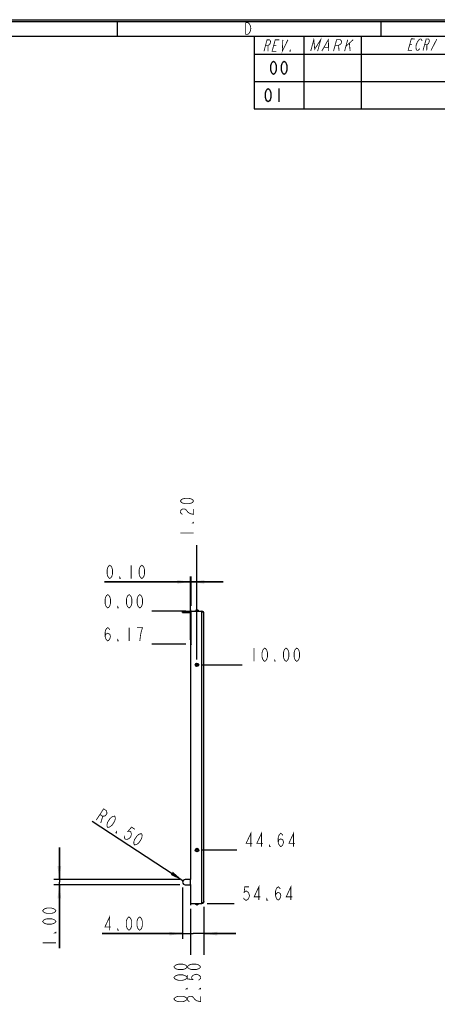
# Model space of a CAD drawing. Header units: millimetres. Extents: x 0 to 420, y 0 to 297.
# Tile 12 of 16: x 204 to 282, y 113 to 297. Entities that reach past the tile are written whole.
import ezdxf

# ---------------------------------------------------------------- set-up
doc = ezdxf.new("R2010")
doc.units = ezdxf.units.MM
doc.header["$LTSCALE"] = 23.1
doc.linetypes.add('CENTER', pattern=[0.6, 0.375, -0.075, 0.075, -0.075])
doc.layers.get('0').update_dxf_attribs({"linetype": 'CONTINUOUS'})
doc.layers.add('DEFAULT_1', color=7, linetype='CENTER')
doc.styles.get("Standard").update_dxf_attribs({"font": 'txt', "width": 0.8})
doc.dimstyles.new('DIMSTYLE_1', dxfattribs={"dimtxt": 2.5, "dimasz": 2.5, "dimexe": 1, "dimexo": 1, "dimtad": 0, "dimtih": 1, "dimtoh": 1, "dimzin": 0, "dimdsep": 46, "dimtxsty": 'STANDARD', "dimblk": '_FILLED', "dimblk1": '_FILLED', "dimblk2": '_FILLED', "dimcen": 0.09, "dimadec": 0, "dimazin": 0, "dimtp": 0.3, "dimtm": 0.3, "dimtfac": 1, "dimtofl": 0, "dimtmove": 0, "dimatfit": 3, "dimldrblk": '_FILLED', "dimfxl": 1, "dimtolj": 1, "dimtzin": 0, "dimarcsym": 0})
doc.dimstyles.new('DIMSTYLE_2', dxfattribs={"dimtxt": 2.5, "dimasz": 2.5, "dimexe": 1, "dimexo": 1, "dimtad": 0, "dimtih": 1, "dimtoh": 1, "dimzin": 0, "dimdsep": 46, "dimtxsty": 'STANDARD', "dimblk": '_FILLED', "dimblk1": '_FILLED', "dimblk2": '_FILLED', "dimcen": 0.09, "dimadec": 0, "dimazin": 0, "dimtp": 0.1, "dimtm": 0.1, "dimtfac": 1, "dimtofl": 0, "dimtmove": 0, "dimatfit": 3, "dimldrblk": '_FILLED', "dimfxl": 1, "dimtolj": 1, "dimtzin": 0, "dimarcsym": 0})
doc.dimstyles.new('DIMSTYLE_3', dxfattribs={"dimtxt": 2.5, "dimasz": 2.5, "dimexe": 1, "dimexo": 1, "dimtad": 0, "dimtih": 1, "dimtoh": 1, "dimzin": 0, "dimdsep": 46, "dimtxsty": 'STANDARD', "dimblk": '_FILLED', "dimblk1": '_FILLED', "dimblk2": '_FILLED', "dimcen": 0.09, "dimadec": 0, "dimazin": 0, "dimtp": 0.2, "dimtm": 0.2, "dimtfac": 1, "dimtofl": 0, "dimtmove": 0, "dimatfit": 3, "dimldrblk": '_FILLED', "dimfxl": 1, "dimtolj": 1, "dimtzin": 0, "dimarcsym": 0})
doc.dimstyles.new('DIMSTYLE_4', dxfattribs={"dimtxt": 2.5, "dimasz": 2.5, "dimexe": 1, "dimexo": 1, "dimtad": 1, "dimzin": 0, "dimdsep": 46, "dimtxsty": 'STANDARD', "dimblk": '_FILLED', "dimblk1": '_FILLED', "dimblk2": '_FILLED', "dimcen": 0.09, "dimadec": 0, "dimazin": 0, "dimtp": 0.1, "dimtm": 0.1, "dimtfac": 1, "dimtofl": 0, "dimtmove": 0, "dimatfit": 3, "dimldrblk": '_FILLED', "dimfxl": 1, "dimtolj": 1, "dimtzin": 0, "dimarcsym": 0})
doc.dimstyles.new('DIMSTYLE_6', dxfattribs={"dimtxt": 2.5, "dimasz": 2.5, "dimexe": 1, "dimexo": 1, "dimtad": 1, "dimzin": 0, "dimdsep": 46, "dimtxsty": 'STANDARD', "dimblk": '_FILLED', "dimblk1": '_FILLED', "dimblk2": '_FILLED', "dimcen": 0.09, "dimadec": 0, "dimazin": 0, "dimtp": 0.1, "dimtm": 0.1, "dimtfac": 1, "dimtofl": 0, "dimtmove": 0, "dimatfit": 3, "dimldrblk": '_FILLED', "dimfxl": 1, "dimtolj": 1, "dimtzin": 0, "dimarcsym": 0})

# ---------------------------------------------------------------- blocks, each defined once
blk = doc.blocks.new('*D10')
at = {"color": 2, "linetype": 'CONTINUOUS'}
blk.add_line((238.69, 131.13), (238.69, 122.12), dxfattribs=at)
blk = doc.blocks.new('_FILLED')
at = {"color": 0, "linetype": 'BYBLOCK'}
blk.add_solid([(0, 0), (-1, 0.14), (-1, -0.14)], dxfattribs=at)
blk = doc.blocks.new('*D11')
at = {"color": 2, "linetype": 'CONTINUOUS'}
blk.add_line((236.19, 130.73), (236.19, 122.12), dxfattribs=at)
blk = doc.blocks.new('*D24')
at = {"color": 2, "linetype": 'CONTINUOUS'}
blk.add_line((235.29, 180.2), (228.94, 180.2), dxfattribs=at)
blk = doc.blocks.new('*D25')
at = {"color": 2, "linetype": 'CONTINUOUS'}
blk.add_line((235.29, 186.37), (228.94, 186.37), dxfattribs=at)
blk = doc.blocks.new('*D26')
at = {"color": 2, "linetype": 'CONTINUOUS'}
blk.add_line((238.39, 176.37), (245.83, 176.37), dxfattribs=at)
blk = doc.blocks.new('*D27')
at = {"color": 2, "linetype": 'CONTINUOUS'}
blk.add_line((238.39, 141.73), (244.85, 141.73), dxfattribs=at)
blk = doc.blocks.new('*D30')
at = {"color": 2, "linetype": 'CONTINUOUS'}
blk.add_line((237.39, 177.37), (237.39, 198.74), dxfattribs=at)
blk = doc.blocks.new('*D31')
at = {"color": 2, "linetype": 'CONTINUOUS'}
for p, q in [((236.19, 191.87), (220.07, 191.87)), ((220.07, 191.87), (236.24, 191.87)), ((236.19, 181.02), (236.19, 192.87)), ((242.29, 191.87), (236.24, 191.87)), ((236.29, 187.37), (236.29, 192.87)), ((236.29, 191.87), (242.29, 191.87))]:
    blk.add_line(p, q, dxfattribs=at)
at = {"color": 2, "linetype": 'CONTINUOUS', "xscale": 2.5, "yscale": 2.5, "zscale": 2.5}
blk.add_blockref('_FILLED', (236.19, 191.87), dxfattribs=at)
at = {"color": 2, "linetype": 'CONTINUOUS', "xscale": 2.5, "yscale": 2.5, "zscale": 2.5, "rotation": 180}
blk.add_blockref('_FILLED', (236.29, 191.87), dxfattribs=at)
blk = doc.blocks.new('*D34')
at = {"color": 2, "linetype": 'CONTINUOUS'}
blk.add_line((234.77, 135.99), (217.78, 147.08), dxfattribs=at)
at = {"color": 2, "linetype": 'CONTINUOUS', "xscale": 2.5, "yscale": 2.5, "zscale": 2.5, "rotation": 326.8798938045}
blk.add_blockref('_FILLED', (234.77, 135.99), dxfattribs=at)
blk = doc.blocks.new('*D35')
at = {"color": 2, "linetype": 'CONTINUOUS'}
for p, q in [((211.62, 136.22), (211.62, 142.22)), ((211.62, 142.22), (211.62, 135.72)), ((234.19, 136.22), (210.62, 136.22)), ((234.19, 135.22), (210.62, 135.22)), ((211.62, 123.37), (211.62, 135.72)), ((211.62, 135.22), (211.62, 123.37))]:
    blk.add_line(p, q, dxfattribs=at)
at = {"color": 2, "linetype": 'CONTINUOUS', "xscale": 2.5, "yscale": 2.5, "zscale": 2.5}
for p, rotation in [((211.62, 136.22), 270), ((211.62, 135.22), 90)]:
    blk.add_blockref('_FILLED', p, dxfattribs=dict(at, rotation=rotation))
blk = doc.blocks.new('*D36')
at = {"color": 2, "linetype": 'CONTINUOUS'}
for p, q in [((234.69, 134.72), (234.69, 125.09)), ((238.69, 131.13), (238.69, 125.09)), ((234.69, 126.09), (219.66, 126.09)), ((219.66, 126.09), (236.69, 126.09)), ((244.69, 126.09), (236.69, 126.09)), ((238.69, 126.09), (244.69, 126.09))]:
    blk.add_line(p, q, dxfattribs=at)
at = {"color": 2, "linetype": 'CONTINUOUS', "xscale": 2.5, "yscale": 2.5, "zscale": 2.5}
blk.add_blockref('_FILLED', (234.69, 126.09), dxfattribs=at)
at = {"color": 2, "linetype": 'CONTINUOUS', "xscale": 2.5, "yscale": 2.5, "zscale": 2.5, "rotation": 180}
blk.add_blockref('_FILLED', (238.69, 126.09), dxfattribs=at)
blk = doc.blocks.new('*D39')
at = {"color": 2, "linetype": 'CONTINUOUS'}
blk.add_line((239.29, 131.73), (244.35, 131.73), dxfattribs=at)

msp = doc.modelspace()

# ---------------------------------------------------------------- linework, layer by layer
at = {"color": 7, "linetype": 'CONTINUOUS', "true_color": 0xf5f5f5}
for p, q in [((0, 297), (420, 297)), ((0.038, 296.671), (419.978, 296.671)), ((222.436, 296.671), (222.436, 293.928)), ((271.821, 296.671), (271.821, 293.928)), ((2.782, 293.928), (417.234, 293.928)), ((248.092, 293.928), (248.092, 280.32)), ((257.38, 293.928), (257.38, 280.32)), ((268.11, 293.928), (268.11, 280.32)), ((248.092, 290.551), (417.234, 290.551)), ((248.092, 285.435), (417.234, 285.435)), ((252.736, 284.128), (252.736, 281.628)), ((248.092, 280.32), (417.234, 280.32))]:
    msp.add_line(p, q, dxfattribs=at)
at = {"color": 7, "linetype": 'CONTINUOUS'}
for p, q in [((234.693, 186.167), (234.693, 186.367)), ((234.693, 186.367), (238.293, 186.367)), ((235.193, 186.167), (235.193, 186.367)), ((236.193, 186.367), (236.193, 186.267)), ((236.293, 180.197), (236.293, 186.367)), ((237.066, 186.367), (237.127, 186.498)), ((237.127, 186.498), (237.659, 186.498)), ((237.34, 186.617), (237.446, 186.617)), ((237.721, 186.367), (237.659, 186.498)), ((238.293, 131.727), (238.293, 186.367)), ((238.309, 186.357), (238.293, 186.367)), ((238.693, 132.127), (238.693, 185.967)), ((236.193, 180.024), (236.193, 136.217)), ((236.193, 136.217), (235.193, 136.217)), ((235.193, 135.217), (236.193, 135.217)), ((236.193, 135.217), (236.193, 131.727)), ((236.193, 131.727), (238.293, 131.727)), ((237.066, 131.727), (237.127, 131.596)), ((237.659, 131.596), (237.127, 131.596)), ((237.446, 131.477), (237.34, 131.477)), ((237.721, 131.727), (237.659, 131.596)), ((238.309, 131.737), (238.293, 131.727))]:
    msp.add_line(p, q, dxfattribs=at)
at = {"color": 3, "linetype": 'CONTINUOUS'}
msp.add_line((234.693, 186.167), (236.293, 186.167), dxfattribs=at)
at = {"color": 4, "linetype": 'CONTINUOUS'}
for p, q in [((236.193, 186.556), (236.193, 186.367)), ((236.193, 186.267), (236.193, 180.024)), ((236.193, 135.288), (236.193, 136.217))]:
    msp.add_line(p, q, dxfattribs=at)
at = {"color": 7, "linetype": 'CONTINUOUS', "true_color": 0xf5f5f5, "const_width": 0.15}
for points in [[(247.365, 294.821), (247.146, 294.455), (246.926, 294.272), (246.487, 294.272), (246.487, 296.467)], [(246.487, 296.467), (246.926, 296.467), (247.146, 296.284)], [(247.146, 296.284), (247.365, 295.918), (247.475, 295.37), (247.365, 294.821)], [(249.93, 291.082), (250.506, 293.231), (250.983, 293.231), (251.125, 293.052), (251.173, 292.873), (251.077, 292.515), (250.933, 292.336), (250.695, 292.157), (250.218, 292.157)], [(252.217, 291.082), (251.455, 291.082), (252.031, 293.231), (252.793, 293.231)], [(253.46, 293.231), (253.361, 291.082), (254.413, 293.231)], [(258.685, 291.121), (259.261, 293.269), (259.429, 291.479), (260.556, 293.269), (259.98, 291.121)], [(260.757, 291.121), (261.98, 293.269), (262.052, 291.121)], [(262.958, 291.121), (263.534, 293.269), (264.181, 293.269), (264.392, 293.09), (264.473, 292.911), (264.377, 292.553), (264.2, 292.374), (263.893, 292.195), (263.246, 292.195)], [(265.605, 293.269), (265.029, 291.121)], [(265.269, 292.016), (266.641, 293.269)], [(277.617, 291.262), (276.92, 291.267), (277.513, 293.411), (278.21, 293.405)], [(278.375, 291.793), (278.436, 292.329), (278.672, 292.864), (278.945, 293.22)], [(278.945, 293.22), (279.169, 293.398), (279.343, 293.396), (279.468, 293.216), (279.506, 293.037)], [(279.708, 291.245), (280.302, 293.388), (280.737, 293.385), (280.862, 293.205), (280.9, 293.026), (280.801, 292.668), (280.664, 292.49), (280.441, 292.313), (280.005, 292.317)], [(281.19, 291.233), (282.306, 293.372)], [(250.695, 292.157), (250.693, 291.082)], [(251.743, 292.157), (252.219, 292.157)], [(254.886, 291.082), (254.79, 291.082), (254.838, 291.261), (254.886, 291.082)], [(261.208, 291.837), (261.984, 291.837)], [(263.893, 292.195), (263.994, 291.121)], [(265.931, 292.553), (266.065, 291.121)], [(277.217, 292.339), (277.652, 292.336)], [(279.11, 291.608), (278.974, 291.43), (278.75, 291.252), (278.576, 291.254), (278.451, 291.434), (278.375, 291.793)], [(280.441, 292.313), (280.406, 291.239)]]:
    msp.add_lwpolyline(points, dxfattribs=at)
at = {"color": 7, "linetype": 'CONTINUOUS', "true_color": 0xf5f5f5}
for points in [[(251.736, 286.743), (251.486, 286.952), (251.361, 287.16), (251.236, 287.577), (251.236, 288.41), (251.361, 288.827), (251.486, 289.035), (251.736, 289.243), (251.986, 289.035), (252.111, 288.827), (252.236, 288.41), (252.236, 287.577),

+++++

[YOUR INSTRUCTIONS] Using the records above, give the number of lines in which the word "rotation" occurs, and nothing else.

[EXPECTED ANSWER] 5